To prevent acts of thievery, the most efficient thing to do is be extra attentive of your belongings. Never leave your bags unguarded except in a crowded car or cabin, and never for more than a few minutes. If you are traveling with partners, one of you should always stay with the bags while the other is away. Many travelers like to bring chains and locks to secure the bags to the racks, be it the larger ones at the end of the car or the overhead ones. Also, having smaller bags that you can fit on the overhead racks or in the spaces between the opposite seats helps, since you are less likely to lose track of them.

Finally, when traveling at night, keep your valuables in a money belt or simply rolled in a tissue and hidden under your clothes.

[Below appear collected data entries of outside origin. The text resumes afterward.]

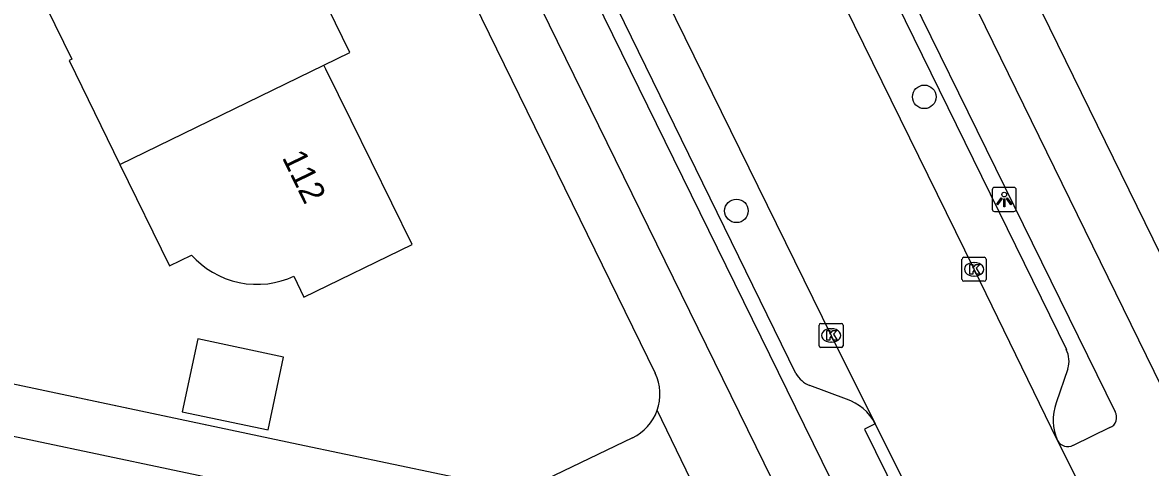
# Model space of a CAD drawing. Extents: x 160457 to 162082, y 388340 to 389736.
# Drawn here: x 160864.94 to 160911.77, y 389001.22 to 389019.72 of the extents above; entities that cross this region are included whole.
import ezdxf

# ---------------------------------------------------------------- set-up
doc = ezdxf.new("R2010")
doc.units = 0
for name, color, linetype in [('IMGEO_Boom', 7, 'Continuous'), ('IMGEO_Fietspad_gesloten', 7, 'Continuous'), ('IMGEO_Kolk', 7, 'Continuous'), ('IMGEO_Lichtpunt', 7, 'Continuous'), ('IMGEO_Muur', 7, 'Continuous'), ('IMGEO_Pand', 7, 'Continuous'), ('IMGEO_Pand_nummerreeks', 7, 'Continuous'), ('IMGEO_Parkeervlak_open', 7, 'Continuous'), ('IMGEO_Rijbaan_lokaal_gesloten', 7, 'Continuous'), ('IMGEO_Verkeerseiland_open', 7, 'Continuous'), ('IMGEO_Voetpad_open', 7, 'Continuous')]:
    doc.layers.add(name, color=color, linetype=linetype)

msp = doc.modelspace()

# ---------------------------------------------------------------- linework, layer by layer
at = {"layer": 'IMGEO_Boom'}
for centre in [(160902.38, 389016.633), (160894.579, 389011.892)]:
    msp.add_circle(centre, 0.489, dxfattribs=at)
at = {"layer": 'IMGEO_Fietspad_gesloten'}
for points in [[(160865.149, 389063.924), (160866.884, 389060.338), (160896.406, 389000), (160929.271, 388932.792), (160931.346, 388928.541)], [(160947.207, 388933.03), (160943.921, 388939.826), (160914.477, 389000), (160885.175, 389059.974)], [(160896.532, 389031.633), (160910.3, 389003.541)], [(160910.338, 388976.581), (160898.863, 389000), (160885.472, 389027.328)], [(160910.078, 389002.878), (160908.565, 389002.143)]]:
    msp.add_lwpolyline(points, dxfattribs=at)
for centre, radius, start, end in [((160909.92, 389003.3), 0.45, 290.5547, 32.4199), ((160908.342, 389002.574), 0.485, 208.379, 297.4156)]:
    msp.add_arc(centre, radius, start, end, dxfattribs=at)
at = {"layer": 'IMGEO_Kolk'}
for p, q in [((160903.945, 389009.037), (160903.945, 389009.889)), ((160904.02, 389009.963), (160904.872, 389009.963)), ((160904.433, 389009.743), (160904.458, 389009.743)), ((160904.946, 389009.889), (160904.946, 389009.037)), ((160904.456, 389009.183), (160904.431, 389009.183)), ((160904.872, 389008.963), (160904.02, 389008.963)), ((160898.011, 389006.287), (160898.011, 389007.139)), ((160898.086, 389007.213), (160898.938, 389007.213)), ((160898.499, 389006.993), (160898.524, 389006.993)), ((160899.012, 389007.139), (160899.012, 389006.287)), ((160898.522, 389006.433), (160898.497, 389006.433)), ((160898.938, 389006.213), (160898.086, 389006.213))]:
    msp.add_line(p, q, dxfattribs=at)
for points in [[(160903.945, 389009.037), (160903.945, 389009.889)], [(160904.02, 389009.963), (160904.872, 389009.963)], [(160904.266, 389009.663), (160904.389, 389009.663), (160904.389, 389009.512), (160904.519, 389009.663), (160904.683, 389009.663), (160904.537, 389009.512), (160904.69, 389009.263), (160904.538, 389009.263), (160904.453, 389009.427), (160904.389, 389009.36), (160904.389, 389009.263), (160904.266, 389009.263), (160904.266, 389009.663)], [(160904.946, 389009.889), (160904.946, 389009.037)], [(160904.872, 389008.963), (160904.02, 389008.963)], [(160898.011, 389006.287), (160898.011, 389007.139)], [(160898.086, 389007.213), (160898.938, 389007.213)], [(160898.332, 389006.913), (160898.455, 389006.913), (160898.455, 389006.762), (160898.585, 389006.913), (160898.749, 389006.913), (160898.603, 389006.762), (160898.756, 389006.513), (160898.604, 389006.513), (160898.519, 389006.677), (160898.455, 389006.61), (160898.455, 389006.513), (160898.332, 389006.513), (160898.332, 389006.913)], [(160899.012, 389007.139), (160899.012, 389006.287)], [(160898.938, 389006.213), (160898.086, 389006.213)]]:
    msp.add_lwpolyline(points, dxfattribs=at)
for centre, start, end in [((160904.022, 389009.887), 91.552, 178.448), ((160904.022, 389009.887), 91.552, 178.448), ((160904.87, 389009.887), 1.552, 88.448), ((160904.87, 389009.887), 1.552, 88.448), ((160904.022, 389009.039), 181.552, 268.448), ((160904.022, 389009.039), 181.552, 268.448), ((160904.87, 389009.039), 271.552, 358.448), ((160904.87, 389009.039), 271.552, 358.448), ((160898.088, 389007.137), 91.552, 178.448), ((160898.088, 389007.137), 91.552, 178.448), ((160898.936, 389007.137), 1.552, 88.448), ((160898.936, 389007.137), 1.552, 88.448), ((160898.088, 389006.289), 181.552, 268.448), ((160898.088, 389006.289), 181.552, 268.448), ((160898.936, 389006.289), 271.552, 358.448), ((160898.936, 389006.289), 271.552, 358.448)]:
    msp.add_arc(centre, 0.0765, start, end, dxfattribs=at)
for centre, major_axis, ratio, start_param, end_param in [((160904.432, 389009.463), (-0.387, 0.002), 0.722429, 4.712389, 7.853982), ((160904.457, 389009.463), (-0.39, 0.002), 0.717154, 1.570796, 4.712389), ((160898.498, 389006.713), (-0.387, 0.002), 0.722429, 4.712389, 7.853982), ((160898.523, 389006.713), (-0.39, 0.002), 0.717154, 1.570796, 4.712389)]:
    msp.add_ellipse(centre, major_axis=major_axis, ratio=ratio, start_param=start_param, end_param=end_param, dxfattribs=at)
at = {"layer": 'IMGEO_Lichtpunt'}
for p, q in [((160906.103, 389012.867), (160905.295, 389012.867)), ((160906.103, 389012.867), (160905.295, 389012.867)), ((160905.201, 389012.772), (160905.201, 389011.965)), ((160905.201, 389012.772), (160905.201, 389011.965)), ((160906.197, 389011.965), (160906.197, 389012.772)), ((160906.197, 389011.965), (160906.197, 389012.772)), ((160905.295, 389011.871), (160906.103, 389011.871)), ((160905.295, 389011.871), (160906.103, 389011.871))]:
    msp.add_line(p, q, dxfattribs=at)
for points in [[(160905.575, 389012.436), (160905.614, 389012.408), (160905.426, 389012.146), (160905.388, 389012.173), (160905.575, 389012.436)], [(160905.787, 389012.408), (160905.825, 389012.435), (160906.012, 389012.173), (160905.973, 389012.145), (160905.787, 389012.408)], [(160905.677, 389012.388), (160905.724, 389012.388), (160905.724, 389012.066), (160905.677, 389012.066), (160905.677, 389012.388)]]:
    msp.add_lwpolyline(points, dxfattribs=at)
msp.add_circle((160905.7, 389012.57), 0.0994, dxfattribs=at)
for centre, start, end in [((160905.295, 389012.772), 90, 180), ((160905.295, 389012.772), 90, 180), ((160906.103, 389012.772), 0, 90), ((160906.103, 389012.772), 0, 90), ((160905.295, 389011.965), 180, 270), ((160905.295, 389011.965), 180, 270), ((160906.103, 389011.965), 270, 0), ((160906.103, 389011.965), 270, 360)]:
    msp.add_arc(centre, 0.0946, start, end, dxfattribs=at)
at = {"layer": 'IMGEO_Muur'}
msp.add_lwpolyline([(160876.381, 389002.172), (160854.217, 389006.879)], dxfattribs=at)
at = {"layer": 'IMGEO_Pand'}
for points in [[(160877.449, 389017.947), (160878.529, 389018.474), (160876.42, 389022.798), (160875.341, 389022.272), (160874.462, 389024.074), (160873.583, 389025.877), (160873.508, 389026.031)], [(160865.037, 389021.906), (160865.111, 389021.752), (160865.219, 389021.805), (160866.977, 389018.201), (160866.869, 389018.148), (160868.982, 389013.816)], [(160868.982, 389013.816), (160871.035, 389009.607), (160871.95, 389010.053), (160872.141, 389009.856), (160872.35, 389009.67), (160872.578, 389009.497), (160872.822, 389009.34), (160873.082, 389009.201), (160873.355, 389009.083), (160873.638, 389008.987), (160873.929, 389008.914), (160874.226, 389008.865), (160874.524, 389008.841), (160874.821, 389008.841), (160875.114, 389008.865), (160875.401, 389008.912), (160875.678, 389008.98), (160875.945, 389009.068), (160876.198, 389009.173), (160876.618, 389008.31), (160881.113, 389010.494), (160878.58, 389015.648), (160877.526, 389017.791), (160877.449, 389017.947)], [(160868.982, 389013.816), (160877.449, 389017.947)], [(160875.776, 389005.816), (160872.214, 389006.574), (160871.569, 389003.542), (160875.131, 389002.784), (160875.776, 389005.816)]]:
    msp.add_lwpolyline(points, dxfattribs=at)
at = {"layer": 'IMGEO_Parkeervlak_open'}
for points in [[(160895.953, 389031.324), (160908.278, 389006.124)], [(160897.052, 389005.136), (160886.073, 389027.642)], [(160908.343, 389005.328), (160907.861, 389003.906)], [(160899.145, 389004.065), (160897.623, 389004.633)]]:
    msp.add_lwpolyline(points, dxfattribs=at)
for centre, radius, start, end in [((160907.313, 389005.645), 1.077, 342.9135, 26.4231), ((160898.026, 389005.666), 1.109, 208.5584, 248.6873), ((160898.486, 389002.083), 2.088, 27.2942, 71.6136), ((160909.704, 389003.187), 1.978, 158.6973, 205.2602)]:
    msp.add_arc(centre, radius, start, end, dxfattribs=at)
at = {"layer": 'IMGEO_Rijbaan_lokaal_gesloten'}
for points in [[(160907.915, 389002.343), (160904.445, 389009.463), (160894.513, 389029.747), (160887.316, 389044.404), (160880.913, 389057.526)], [(160876.244, 389052.308), (160881.582, 389041.416), (160888.628, 389026.872), (160898.512, 389006.713), (160900.342, 389003.041)], [(160900.342, 389003.041), (160901.842, 389000), (160906.66, 388990.235)], [(160907.915, 389002.343), (160909.071, 389000), (160910.509, 388997.087)]]:
    msp.add_lwpolyline(points, dxfattribs=at)
at = {"layer": 'IMGEO_Verkeerseiland_open'}
msp.add_lwpolyline([(160900.342, 389003.041), (160899.894, 389002.82), (160901.285, 389000), (160906.212, 388990.014), (160906.66, 388990.235)], dxfattribs=at)
at = {"layer": 'IMGEO_Voetpad_open'}
for points in [[(160862.667, 389063.549), (160891.208, 389005.138)], [(160915.841, 389002.618), (160898.678, 389037.727), (160898.662, 389037.759)], [(160884.301, 389000.512), (160876.381, 389002.172), (160855.333, 389006.643)], [(160854.443, 389004.661), (160876.487, 389000), (160887.539, 388997.663)], [(160895.886, 388994.089), (160891.29, 389003.601)], [(160890.263, 389002.455), (160886.658, 389000.725)]]:
    msp.add_lwpolyline(points, dxfattribs=at)
for centre, radius, start, end in [((160889.396, 389004.271), 2.009, 340.5318, 25.5759), ((160889.389, 389004.272), 2.016, 295.699, 340.5702)]:
    msp.add_arc(centre, radius, start, end, dxfattribs=at)

# ---------------------------------------------------------------- texts
at = {"layer": 'IMGEO_Pand_nummerreeks'}
msp.add_text('112', height=1, rotation=296.035, dxfattribs=at).set_placement((160875.695, 389014.115))

doc.saveas('drawing.dxf')

Polfer is a section of the Italian police that deals specifically with railways (trains and stations). There is a Polfer station in every medium sized or main Italian railway station. Both acts of thievery and other crimes can immediately be reported to the conductor. If there is any hope of catching the culprit on the train, the conductor will request two Polfer officers jump on the train: usually, the trains stops at the first station with available officers for just the time needed for the officers to get on the train.

Lost bags

If you accidentally leave a bag on a train, you can do the following:

  • If the train is continuing on its route, ask someone at your arrival station to contact the train and have the conductors look for your lost property; if they find it, it will be sent with another train to the station of the town where you are staying, so that you can pick it up;
  • If you got off the train at its final destination, contact the lost and found office, but the possibilities for you to find your lost properties are minimal (see above "Theft").


Railway and other workers of the same kind of service (local transit, air travel, etc.) are subject to strict rules about strikes. These must be announced two weeks in advance, cannot last for more than 24 hours and can never occur in July and August, in the last week of December and the first week of January, in the days immediately before and after Easter and before and after a voting day.

Also, some trains must always travel, even when the railway workers are on strike, to grant a minimal service. Yet, since the railway workers are split on a huge number of trade unions, railway strikes are common.

Since the strikes must be announced in advance, there are no surprise strikes. To be informed on strikes, check the Seek Italy Travel Alerts page before departure.

Occupied reserved seat

If you have reserved a seat on an Eurostar or Intercity train and someone is occupying it and, on request and showing of the reservation ticket, will not give you your seat, the first thing to do is to check whether you are requesting to sit in the right seat. Just like "if computer does not turn on, check if it is connected to the electricity, if it is not, insert the plug": it may sound silly, but I have several times asked someone to leave a seat only to discover that it was his seat and not mine because I was on the wrong train or car. And I am a native and frequent railway traveler! So, first thing, make sure everything is alright with your ticket.

If you are on the right rain, on the right car and you are requesting the right seat, check if the other traveler has a reservation: he may be the one in the wrong seat.

On extremely infrequent cases, ticket offices and travel agencies happen to issue a reservation twice. In this case ask the conductor to be assigned another seat.

Finally, if the other traveler does not have a reservation, but he still does not want to leave the seat you have booked, talk to the conductor: the traveler will be issued a quite large fine. If needed the conductor will also ask the Polfer on the train to check the traveler's documents.